What you have to do:
Go to the line containing "#1359=VECTOR('Line Direction',#1358,1.) ;" in the records below and print it and every following line exactly, on through the line containing "#1361=EDGE_CURVE('',#1355,#1306,#1360,.T.) ;", then stop.

[Dataset entries]
*** Begin section ***

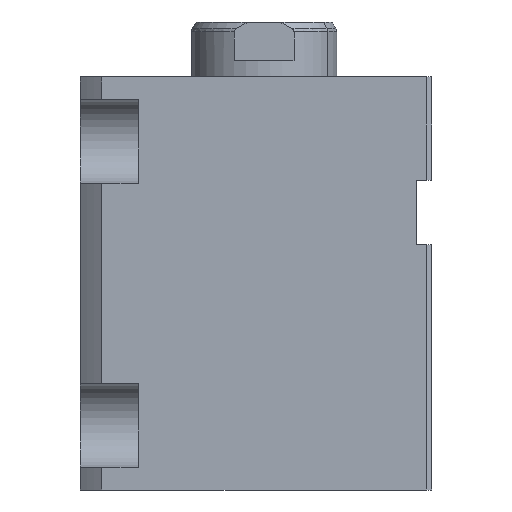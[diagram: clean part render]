
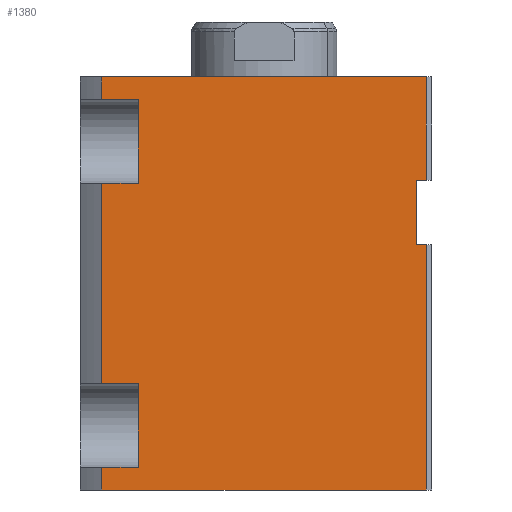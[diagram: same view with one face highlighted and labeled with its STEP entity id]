
A CAD part, left-side view. The second image highlights one B-rep face of the part: STEP entity #1380.
In plain terms, the highlighted planar face has unit normal (-1, 0, 0).
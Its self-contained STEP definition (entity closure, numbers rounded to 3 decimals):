
#249=CARTESIAN_POINT('Line Origine',(-71.,-50.279,64.)) ;
#253=CARTESIAN_POINT('Vertex',(-71.,-50.279,76.)) ;
#255=CARTESIAN_POINT('Vertex',(-71.,-50.279,0.)) ;
#410=CARTESIAN_POINT('Vertex',(-71.,-50.279,96.)) ;
#415=CARTESIAN_POINT('Line Origine',(-71.,-48.69,96.)) ;
#419=CARTESIAN_POINT('Vertex',(-71.,-47.1,96.)) ;
#793=CARTESIAN_POINT('Vertex',(-71.,-50.279,128.)) ;
#796=CARTESIAN_POINT('Line Origine',(-71.,-50.279,64.)) ;
#848=CARTESIAN_POINT('Line Origine',(-71.,-47.1,86.)) ;
#852=CARTESIAN_POINT('Vertex',(-71.,-47.1,76.)) ;
#945=CARTESIAN_POINT('Line Origine',(-71.,-48.69,76.)) ;
#1056=CARTESIAN_POINT('Vertex',(-71.,50.279,0.)) ;
#1064=CARTESIAN_POINT('Line Origine',(-71.,0.,0.)) ;
#1230=CARTESIAN_POINT('Vertex',(-71.,50.279,128.)) ;
#1233=CARTESIAN_POINT('Line Origine',(-71.,0.,128.)) ;
#1296=CARTESIAN_POINT('Axis2P3D Location',(-71.,57.,128.)) ;
#1301=CARTESIAN_POINT('Line Origine',(-71.,44.64,33.)) ;
#1305=CARTESIAN_POINT('Vertex',(-71.,50.279,33.)) ;
#1307=CARTESIAN_POINT('Vertex',(-71.,39.,33.)) ;
#1310=CARTESIAN_POINT('Line Origine',(-71.,39.,20.)) ;
#1314=CARTESIAN_POINT('Vertex',(-71.,39.,7.)) ;
#1317=CARTESIAN_POINT('Line Origine',(-71.,44.64,7.)) ;
#1321=CARTESIAN_POINT('Vertex',(-71.,50.279,7.)) ;
#1324=CARTESIAN_POINT('Line Origine',(-71.,50.279,3.5)) ;
#1329=CARTESIAN_POINT('Line Origine',(-71.,50.279,124.5)) ;
#1333=CARTESIAN_POINT('Vertex',(-71.,50.279,121.)) ;
#1336=CARTESIAN_POINT('Line Origine',(-71.,44.64,121.)) ;
#1340=CARTESIAN_POINT('Vertex',(-71.,39.,121.)) ;
#1343=CARTESIAN_POINT('Line Origine',(-71.,39.,108.)) ;
#1347=CARTESIAN_POINT('Vertex',(-71.,39.,95.)) ;
#1350=CARTESIAN_POINT('Line Origine',(-71.,44.64,95.)) ;
#1354=CARTESIAN_POINT('Vertex',(-71.,50.279,95.)) ;
#1357=CARTESIAN_POINT('Line Origine',(-71.,50.279,64.)) ;
#250=DIRECTION('Vector Direction',(0.,0.,1.)) ;
#416=DIRECTION('Vector Direction',(0.,1.,0.)) ;
#797=DIRECTION('Vector Direction',(0.,0.,1.)) ;
#849=DIRECTION('Vector Direction',(0.,0.,-1.)) ;
#946=DIRECTION('Vector Direction',(0.,1.,0.)) ;
#1065=DIRECTION('Vector Direction',(0.,-1.,0.)) ;
#1234=DIRECTION('Vector Direction',(0.,-1.,0.)) ;
#1297=DIRECTION('Axis2P3D Direction',(1.,0.,0.)) ;
#1298=DIRECTION('Axis2P3D XDirection',(0.,-1.,0.)) ;
#1302=DIRECTION('Vector Direction',(0.,-1.,0.)) ;
#1311=DIRECTION('Vector Direction',(0.,0.,-1.)) ;
#1318=DIRECTION('Vector Direction',(0.,-1.,0.)) ;
#1325=DIRECTION('Vector Direction',(0.,0.,-1.)) ;
#1330=DIRECTION('Vector Direction',(0.,0.,-1.)) ;
#1337=DIRECTION('Vector Direction',(0.,-1.,0.)) ;
#1344=DIRECTION('Vector Direction',(0.,0.,-1.)) ;
#1351=DIRECTION('Vector Direction',(0.,-1.,0.)) ;
#1358=DIRECTION('Vector Direction',(0.,0.,-1.)) ;
#1299=AXIS2_PLACEMENT_3D('Plane Axis2P3D',#1296,#1297,#1298) ;
#1363=ORIENTED_EDGE('',*,*,#1309,.T.) ;
#1364=ORIENTED_EDGE('',*,*,#1316,.T.) ;
#1365=ORIENTED_EDGE('',*,*,#1323,.F.) ;
#1366=ORIENTED_EDGE('',*,*,#1328,.T.) ;
#1367=ORIENTED_EDGE('',*,*,#1068,.T.) ;
#1368=ORIENTED_EDGE('',*,*,#257,.F.) ;
#1369=ORIENTED_EDGE('',*,*,#949,.T.) ;
#1370=ORIENTED_EDGE('',*,*,#854,.F.) ;
#1371=ORIENTED_EDGE('',*,*,#421,.F.) ;
#1372=ORIENTED_EDGE('',*,*,#800,.F.) ;
#1373=ORIENTED_EDGE('',*,*,#1237,.F.) ;
#1374=ORIENTED_EDGE('',*,*,#1335,.T.) ;
#1375=ORIENTED_EDGE('',*,*,#1342,.T.) ;
#1376=ORIENTED_EDGE('',*,*,#1349,.T.) ;
#1377=ORIENTED_EDGE('',*,*,#1356,.F.) ;
#1378=ORIENTED_EDGE('',*,*,#1361,.T.) ;
#251=VECTOR('Line Direction',#250,1.) ;
#417=VECTOR('Line Direction',#416,1.) ;
#798=VECTOR('Line Direction',#797,1.) ;
#850=VECTOR('Line Direction',#849,1.) ;
#947=VECTOR('Line Direction',#946,1.) ;
#1066=VECTOR('Line Direction',#1065,1.) ;
#1235=VECTOR('Line Direction',#1234,1.) ;
#1303=VECTOR('Line Direction',#1302,1.) ;
#1312=VECTOR('Line Direction',#1311,1.) ;
#1319=VECTOR('Line Direction',#1318,1.) ;
#1326=VECTOR('Line Direction',#1325,1.) ;
#1331=VECTOR('Line Direction',#1330,1.) ;
#1338=VECTOR('Line Direction',#1337,1.) ;
#1345=VECTOR('Line Direction',#1344,1.) ;
#1352=VECTOR('Line Direction',#1351,1.) ;
#1359=VECTOR('Line Direction',#1358,1.) ;
#1380=ADVANCED_FACE('PartBody',(#1379),#1300,.F.) ;
#257=EDGE_CURVE('',#254,#256,#252,.F.) ;
#421=EDGE_CURVE('',#411,#420,#418,.T.) ;
#800=EDGE_CURVE('',#794,#411,#799,.F.) ;
#854=EDGE_CURVE('',#420,#853,#851,.T.) ;
#949=EDGE_CURVE('',#254,#853,#948,.T.) ;
#1068=EDGE_CURVE('',#1057,#256,#1067,.T.) ;
#1237=EDGE_CURVE('',#1231,#794,#1236,.T.) ;
#1309=EDGE_CURVE('',#1306,#1308,#1304,.T.) ;
#1316=EDGE_CURVE('',#1308,#1315,#1313,.T.) ;
#1323=EDGE_CURVE('',#1322,#1315,#1320,.T.) ;
#1328=EDGE_CURVE('',#1322,#1057,#1327,.T.) ;
#1335=EDGE_CURVE('',#1231,#1334,#1332,.T.) ;
#1342=EDGE_CURVE('',#1334,#1341,#1339,.T.) ;
#1349=EDGE_CURVE('',#1341,#1348,#1346,.T.) ;
#1356=EDGE_CURVE('',#1355,#1348,#1353,.T.) ;
#1361=EDGE_CURVE('',#1355,#1306,#1360,.T.) ;
#1362=EDGE_LOOP('',(#1363,#1364,#1365,#1366,#1367,#1368,#1369,#1370,#1371,#1372,#1373,#1374,#1375,#1376,#1377,#1378)) ;
#1379=FACE_OUTER_BOUND('',#1362,.T.) ;
#252=LINE('Line',#249,#251) ;
#418=LINE('Line',#415,#417) ;
#799=LINE('Line',#796,#798) ;
#851=LINE('Line',#848,#850) ;
#948=LINE('Line',#945,#947) ;
#1067=LINE('Line',#1064,#1066) ;
#1236=LINE('Line',#1233,#1235) ;
#1304=LINE('Line',#1301,#1303) ;
#1313=LINE('Line',#1310,#1312) ;
#1320=LINE('Line',#1317,#1319) ;
#1327=LINE('Line',#1324,#1326) ;
#1332=LINE('Line',#1329,#1331) ;
#1339=LINE('Line',#1336,#1338) ;
#1346=LINE('Line',#1343,#1345) ;
#1353=LINE('Line',#1350,#1352) ;
#1360=LINE('Line',#1357,#1359) ;
#1300=PLANE('Plane',#1299) ;
#254=VERTEX_POINT('',#253) ;
#256=VERTEX_POINT('',#255) ;
#411=VERTEX_POINT('',#410) ;
#420=VERTEX_POINT('',#419) ;
#794=VERTEX_POINT('',#793) ;
#853=VERTEX_POINT('',#852) ;
#1057=VERTEX_POINT('',#1056) ;
#1231=VERTEX_POINT('',#1230) ;
#1306=VERTEX_POINT('',#1305) ;
#1308=VERTEX_POINT('',#1307) ;
#1315=VERTEX_POINT('',#1314) ;
#1322=VERTEX_POINT('',#1321) ;
#1334=VERTEX_POINT('',#1333) ;
#1341=VERTEX_POINT('',#1340) ;
#1348=VERTEX_POINT('',#1347) ;
#1355=VERTEX_POINT('',#1354) ;

*** End section ***

Written response:
#1359=VECTOR('Line Direction',#1358,1.) ;
#1380=ADVANCED_FACE('PartBody',(#1379),#1300,.F.) ;
#257=EDGE_CURVE('',#254,#256,#252,.F.) ;
#421=EDGE_CURVE('',#411,#420,#418,.T.) ;
#800=EDGE_CURVE('',#794,#411,#799,.F.) ;
#854=EDGE_CURVE('',#420,#853,#851,.T.) ;
#949=EDGE_CURVE('',#254,#853,#948,.T.) ;
#1068=EDGE_CURVE('',#1057,#256,#1067,.T.) ;
#1237=EDGE_CURVE('',#1231,#794,#1236,.T.) ;
#1309=EDGE_CURVE('',#1306,#1308,#1304,.T.) ;
#1316=EDGE_CURVE('',#1308,#1315,#1313,.T.) ;
#1323=EDGE_CURVE('',#1322,#1315,#1320,.T.) ;
#1328=EDGE_CURVE('',#1322,#1057,#1327,.T.) ;
#1335=EDGE_CURVE('',#1231,#1334,#1332,.T.) ;
#1342=EDGE_CURVE('',#1334,#1341,#1339,.T.) ;
#1349=EDGE_CURVE('',#1341,#1348,#1346,.T.) ;
#1356=EDGE_CURVE('',#1355,#1348,#1353,.T.) ;
#1361=EDGE_CURVE('',#1355,#1306,#1360,.T.) ;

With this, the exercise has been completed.